Scanning the entries below, copy every line that contains the word "planar".
▶
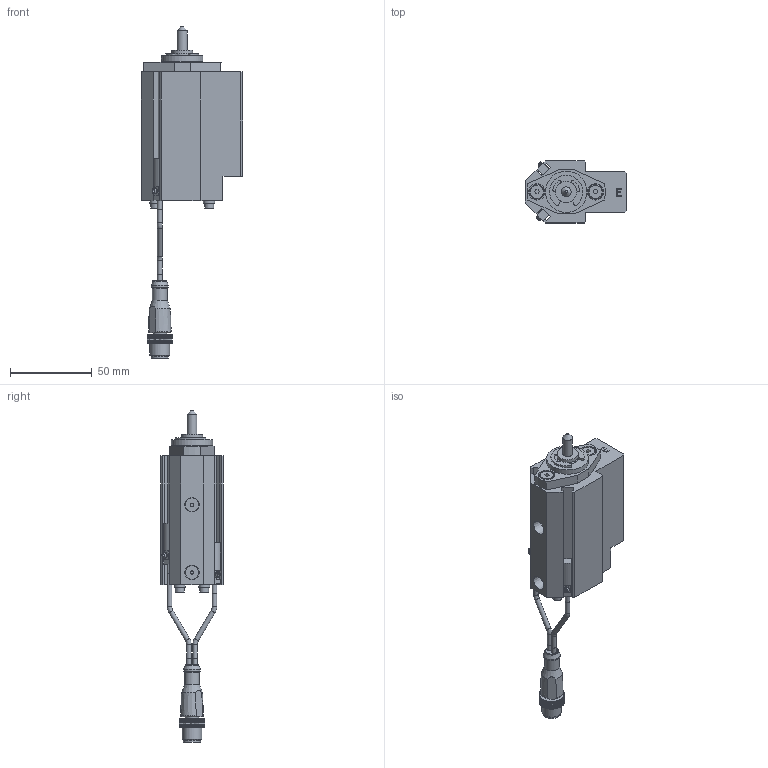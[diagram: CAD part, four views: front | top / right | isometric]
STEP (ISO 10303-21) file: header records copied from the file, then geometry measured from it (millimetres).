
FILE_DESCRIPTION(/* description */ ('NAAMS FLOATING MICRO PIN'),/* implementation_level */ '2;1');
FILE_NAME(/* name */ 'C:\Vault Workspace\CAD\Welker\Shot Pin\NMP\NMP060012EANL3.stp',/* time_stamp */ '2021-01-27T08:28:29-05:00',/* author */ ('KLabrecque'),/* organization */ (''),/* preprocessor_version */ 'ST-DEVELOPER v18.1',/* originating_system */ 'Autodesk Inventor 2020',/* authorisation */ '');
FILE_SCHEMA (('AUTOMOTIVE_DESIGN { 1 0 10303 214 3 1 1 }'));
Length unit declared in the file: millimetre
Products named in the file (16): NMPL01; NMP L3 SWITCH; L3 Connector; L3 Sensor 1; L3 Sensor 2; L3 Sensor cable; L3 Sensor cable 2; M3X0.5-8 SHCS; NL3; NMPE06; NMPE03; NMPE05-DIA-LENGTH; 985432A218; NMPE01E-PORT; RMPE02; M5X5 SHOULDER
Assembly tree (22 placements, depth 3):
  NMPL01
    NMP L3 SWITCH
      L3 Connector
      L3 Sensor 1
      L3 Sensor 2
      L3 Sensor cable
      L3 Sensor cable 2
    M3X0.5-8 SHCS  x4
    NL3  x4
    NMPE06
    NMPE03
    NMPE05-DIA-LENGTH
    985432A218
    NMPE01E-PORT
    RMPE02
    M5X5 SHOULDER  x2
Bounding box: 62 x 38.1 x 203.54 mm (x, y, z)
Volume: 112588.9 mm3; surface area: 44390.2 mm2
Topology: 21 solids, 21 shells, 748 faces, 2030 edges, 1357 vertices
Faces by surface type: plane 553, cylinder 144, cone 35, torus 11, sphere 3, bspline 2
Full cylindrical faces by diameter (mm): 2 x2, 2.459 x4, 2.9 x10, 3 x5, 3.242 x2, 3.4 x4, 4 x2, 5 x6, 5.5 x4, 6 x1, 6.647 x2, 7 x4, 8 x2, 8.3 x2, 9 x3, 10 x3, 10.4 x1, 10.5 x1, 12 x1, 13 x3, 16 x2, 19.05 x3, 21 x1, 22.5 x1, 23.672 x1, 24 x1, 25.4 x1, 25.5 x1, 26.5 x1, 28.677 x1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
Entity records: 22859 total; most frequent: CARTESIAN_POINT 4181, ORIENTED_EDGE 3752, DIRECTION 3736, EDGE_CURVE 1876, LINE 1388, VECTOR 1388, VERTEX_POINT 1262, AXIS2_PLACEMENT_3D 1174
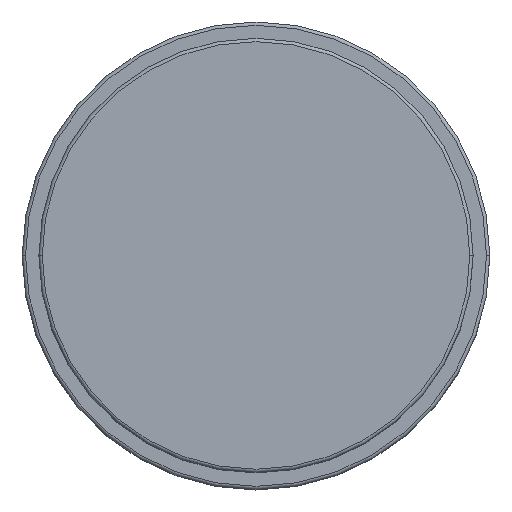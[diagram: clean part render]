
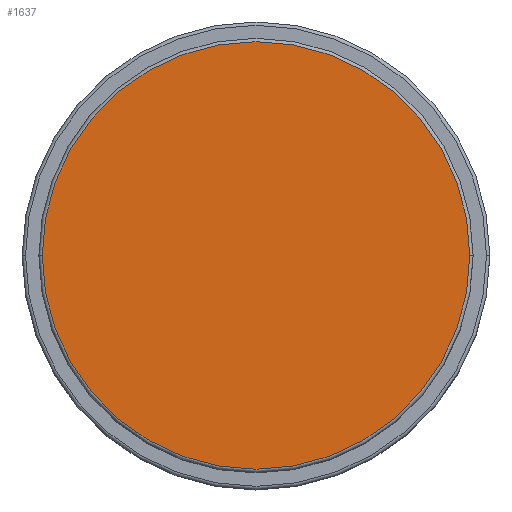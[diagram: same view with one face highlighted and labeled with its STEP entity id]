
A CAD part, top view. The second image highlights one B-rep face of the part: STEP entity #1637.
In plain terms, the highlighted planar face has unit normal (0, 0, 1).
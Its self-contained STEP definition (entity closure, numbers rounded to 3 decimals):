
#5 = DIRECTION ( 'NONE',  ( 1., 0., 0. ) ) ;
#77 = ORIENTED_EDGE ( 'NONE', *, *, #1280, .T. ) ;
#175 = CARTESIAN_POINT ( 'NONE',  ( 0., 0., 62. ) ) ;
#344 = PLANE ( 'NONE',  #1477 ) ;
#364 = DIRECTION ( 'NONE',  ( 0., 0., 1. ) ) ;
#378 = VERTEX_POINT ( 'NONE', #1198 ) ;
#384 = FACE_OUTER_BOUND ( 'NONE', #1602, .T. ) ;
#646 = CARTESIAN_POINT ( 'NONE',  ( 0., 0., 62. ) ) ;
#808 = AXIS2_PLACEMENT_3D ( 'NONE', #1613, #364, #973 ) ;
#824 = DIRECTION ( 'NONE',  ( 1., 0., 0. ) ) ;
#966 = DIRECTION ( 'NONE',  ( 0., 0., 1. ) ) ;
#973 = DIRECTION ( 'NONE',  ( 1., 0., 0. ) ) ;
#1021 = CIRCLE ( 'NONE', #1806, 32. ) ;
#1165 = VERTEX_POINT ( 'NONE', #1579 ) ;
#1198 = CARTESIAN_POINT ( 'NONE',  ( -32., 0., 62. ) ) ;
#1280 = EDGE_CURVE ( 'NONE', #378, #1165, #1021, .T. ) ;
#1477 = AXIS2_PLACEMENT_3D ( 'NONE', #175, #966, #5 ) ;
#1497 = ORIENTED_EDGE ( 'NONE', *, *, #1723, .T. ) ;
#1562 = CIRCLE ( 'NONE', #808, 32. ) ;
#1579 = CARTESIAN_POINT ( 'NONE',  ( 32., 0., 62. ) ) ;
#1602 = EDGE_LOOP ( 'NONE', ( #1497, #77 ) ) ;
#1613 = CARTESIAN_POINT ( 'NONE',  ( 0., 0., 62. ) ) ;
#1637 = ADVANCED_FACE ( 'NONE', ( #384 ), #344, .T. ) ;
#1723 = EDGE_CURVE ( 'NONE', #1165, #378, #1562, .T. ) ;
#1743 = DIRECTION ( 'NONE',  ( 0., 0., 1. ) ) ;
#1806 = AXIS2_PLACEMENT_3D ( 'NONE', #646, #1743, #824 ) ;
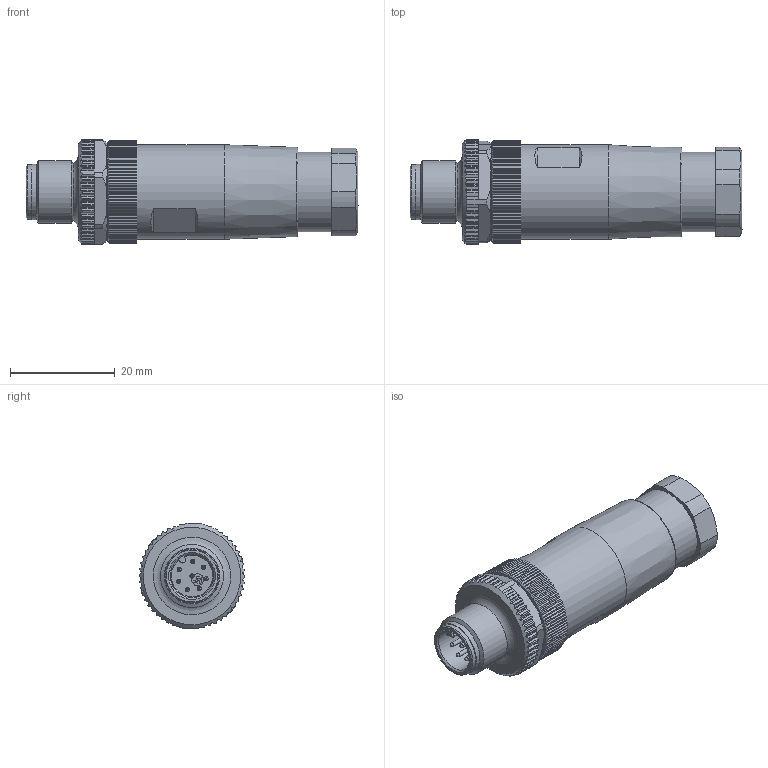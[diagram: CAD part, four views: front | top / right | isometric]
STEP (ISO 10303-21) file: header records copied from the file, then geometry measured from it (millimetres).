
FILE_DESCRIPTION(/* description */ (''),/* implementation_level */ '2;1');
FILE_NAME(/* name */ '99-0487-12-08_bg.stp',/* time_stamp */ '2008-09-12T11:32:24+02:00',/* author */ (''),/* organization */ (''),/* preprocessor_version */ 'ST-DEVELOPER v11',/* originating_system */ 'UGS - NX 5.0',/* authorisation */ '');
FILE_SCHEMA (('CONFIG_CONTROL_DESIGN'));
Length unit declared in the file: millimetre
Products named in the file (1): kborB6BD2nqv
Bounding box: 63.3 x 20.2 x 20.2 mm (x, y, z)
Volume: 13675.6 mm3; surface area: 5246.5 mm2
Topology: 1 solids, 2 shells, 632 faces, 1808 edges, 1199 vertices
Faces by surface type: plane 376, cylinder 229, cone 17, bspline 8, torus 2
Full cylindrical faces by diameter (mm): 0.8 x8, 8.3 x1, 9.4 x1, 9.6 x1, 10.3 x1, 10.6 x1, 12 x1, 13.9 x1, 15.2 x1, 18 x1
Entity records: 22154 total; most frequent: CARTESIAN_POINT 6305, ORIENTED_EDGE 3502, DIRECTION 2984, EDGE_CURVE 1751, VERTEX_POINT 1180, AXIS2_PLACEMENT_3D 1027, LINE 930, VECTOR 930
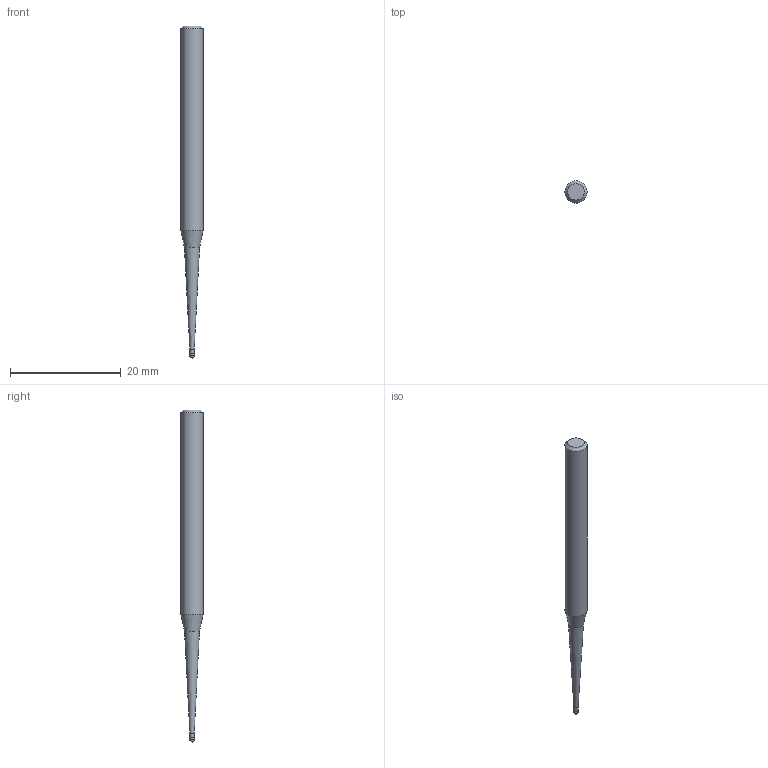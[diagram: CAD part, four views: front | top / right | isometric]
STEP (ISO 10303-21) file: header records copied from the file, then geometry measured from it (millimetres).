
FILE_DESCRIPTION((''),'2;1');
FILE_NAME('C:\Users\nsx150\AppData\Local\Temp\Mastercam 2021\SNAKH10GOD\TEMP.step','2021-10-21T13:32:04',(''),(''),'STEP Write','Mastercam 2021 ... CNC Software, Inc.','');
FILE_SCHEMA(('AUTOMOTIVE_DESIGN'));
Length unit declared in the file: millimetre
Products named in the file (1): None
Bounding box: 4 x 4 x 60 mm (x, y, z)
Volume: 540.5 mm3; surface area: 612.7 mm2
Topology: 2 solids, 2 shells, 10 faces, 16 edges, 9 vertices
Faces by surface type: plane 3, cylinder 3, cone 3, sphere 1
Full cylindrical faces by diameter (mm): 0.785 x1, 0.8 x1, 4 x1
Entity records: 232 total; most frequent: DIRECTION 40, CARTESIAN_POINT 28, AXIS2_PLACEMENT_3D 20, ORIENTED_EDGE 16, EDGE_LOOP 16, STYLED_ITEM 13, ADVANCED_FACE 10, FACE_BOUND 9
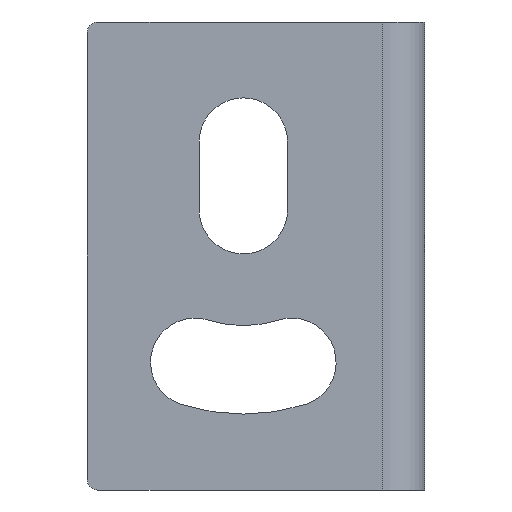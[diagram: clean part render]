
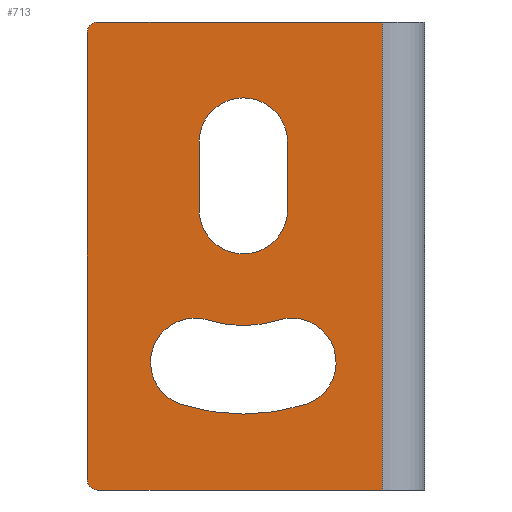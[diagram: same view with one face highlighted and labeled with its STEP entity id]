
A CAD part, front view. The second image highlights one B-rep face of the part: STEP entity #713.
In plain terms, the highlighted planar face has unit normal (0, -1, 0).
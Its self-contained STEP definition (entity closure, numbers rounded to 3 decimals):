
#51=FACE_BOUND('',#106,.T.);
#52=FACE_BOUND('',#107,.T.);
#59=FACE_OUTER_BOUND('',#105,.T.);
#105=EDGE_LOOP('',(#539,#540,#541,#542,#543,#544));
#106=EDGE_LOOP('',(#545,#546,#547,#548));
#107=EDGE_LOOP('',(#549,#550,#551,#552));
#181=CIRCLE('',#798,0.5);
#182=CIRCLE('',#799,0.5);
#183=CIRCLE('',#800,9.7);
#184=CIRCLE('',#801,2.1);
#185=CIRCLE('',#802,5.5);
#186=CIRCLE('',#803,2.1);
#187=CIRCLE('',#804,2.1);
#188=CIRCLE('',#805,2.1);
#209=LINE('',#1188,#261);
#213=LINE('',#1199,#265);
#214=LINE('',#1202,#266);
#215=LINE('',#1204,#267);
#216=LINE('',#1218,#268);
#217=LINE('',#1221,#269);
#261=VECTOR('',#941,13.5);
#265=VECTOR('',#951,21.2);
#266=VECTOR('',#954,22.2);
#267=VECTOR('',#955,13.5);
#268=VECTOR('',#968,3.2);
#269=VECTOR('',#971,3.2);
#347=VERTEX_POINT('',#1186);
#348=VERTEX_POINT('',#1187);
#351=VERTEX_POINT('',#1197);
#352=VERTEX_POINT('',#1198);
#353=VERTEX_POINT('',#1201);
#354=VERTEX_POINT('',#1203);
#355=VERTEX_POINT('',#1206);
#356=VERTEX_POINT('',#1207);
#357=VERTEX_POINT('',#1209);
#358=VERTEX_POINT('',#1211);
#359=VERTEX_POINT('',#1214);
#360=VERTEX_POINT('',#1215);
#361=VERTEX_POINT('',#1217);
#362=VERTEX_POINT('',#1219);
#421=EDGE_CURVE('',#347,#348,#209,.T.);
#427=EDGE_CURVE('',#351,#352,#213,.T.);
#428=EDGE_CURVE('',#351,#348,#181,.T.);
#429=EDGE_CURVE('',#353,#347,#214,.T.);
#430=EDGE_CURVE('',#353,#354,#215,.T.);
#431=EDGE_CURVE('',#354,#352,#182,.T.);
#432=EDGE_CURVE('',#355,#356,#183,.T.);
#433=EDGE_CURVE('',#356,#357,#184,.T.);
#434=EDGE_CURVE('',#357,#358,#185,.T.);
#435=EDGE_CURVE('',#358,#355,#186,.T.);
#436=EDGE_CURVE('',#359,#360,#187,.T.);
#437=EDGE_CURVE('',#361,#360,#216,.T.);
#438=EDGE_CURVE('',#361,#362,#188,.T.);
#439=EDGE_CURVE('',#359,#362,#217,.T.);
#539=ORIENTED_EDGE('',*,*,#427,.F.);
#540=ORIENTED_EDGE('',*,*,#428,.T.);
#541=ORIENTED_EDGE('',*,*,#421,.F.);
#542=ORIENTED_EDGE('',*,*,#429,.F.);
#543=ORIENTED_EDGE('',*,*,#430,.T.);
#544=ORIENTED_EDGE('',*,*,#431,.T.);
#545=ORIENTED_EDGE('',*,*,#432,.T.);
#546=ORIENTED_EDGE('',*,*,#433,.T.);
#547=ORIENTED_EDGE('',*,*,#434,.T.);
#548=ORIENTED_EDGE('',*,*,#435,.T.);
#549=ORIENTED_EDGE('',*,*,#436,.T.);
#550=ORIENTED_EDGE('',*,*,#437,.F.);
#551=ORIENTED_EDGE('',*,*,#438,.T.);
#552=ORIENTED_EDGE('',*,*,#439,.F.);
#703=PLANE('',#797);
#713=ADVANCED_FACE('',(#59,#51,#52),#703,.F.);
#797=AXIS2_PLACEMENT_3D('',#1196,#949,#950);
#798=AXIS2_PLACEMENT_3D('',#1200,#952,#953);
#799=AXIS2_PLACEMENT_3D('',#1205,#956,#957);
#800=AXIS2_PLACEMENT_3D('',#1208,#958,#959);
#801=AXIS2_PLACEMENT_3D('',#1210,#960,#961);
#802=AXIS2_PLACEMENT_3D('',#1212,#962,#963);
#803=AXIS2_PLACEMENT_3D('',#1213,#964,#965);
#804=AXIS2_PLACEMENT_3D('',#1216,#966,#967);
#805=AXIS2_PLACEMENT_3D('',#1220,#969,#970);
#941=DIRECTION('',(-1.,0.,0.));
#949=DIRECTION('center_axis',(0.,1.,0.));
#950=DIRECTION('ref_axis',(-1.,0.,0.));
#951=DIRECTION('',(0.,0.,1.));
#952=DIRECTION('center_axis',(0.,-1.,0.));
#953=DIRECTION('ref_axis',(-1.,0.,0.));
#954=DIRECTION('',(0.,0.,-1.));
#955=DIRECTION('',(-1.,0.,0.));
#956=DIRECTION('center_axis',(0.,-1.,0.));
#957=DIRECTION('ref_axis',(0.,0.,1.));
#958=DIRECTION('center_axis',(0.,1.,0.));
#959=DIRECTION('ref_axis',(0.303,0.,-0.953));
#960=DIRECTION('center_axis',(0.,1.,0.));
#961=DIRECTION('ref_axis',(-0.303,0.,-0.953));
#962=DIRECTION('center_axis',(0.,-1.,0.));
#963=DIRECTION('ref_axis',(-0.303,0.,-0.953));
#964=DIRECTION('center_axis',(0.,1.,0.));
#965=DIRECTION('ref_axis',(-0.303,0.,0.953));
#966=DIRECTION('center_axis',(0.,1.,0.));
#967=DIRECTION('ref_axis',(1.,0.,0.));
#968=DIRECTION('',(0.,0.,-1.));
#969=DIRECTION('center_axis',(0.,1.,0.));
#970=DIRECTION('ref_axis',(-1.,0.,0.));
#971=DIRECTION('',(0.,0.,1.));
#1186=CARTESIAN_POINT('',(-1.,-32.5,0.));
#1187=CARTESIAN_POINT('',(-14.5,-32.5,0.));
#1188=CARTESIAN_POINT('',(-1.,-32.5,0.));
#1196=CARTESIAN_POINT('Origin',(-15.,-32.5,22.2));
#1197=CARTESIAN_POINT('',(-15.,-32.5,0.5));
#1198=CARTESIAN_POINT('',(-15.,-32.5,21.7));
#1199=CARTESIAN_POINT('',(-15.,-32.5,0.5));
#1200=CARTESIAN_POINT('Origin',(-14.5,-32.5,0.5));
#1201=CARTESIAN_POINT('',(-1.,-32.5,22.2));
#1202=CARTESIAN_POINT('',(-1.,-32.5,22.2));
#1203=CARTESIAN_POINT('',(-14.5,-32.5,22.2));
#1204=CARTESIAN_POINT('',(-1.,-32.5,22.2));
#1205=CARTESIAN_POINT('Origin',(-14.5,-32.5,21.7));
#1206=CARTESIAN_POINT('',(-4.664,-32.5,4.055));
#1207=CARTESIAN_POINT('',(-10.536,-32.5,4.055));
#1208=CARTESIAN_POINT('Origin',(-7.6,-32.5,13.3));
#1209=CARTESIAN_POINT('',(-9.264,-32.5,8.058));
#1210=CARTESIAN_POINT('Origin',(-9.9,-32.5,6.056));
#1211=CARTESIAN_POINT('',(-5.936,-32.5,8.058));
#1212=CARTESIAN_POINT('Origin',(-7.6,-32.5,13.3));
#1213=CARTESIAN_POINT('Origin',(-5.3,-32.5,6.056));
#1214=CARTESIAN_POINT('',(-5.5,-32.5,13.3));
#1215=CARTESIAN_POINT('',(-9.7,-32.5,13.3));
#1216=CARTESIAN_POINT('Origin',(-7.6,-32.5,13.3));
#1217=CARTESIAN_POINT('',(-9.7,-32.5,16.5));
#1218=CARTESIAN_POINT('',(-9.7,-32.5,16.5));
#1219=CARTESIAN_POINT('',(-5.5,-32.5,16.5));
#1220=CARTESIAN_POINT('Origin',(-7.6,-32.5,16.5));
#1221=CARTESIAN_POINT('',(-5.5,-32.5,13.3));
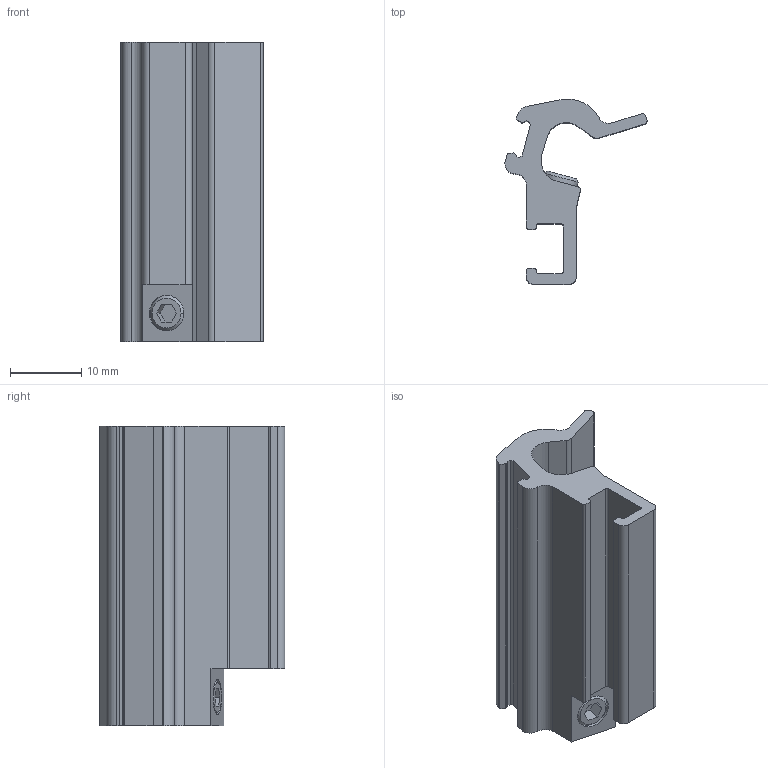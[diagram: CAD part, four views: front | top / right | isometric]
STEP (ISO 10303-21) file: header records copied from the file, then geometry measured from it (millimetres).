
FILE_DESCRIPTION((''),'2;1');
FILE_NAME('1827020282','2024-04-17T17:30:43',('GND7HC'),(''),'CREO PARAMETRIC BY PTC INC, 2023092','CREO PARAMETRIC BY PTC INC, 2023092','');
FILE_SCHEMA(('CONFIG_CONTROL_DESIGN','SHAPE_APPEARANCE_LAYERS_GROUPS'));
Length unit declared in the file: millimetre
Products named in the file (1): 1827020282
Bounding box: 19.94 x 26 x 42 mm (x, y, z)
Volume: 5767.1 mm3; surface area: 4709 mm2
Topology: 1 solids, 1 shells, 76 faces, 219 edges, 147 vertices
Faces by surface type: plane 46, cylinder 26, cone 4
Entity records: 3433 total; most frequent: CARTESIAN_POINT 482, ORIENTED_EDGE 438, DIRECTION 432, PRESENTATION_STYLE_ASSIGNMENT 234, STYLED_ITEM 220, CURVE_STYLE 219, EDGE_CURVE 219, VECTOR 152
◀
* SOLUTION FOR THIS PROBLEM
In plain terms, the highlighted planar face has unit normal (0, 0, 1).
In plain terms, the highlighted planar face has unit normal (0, -1, 0).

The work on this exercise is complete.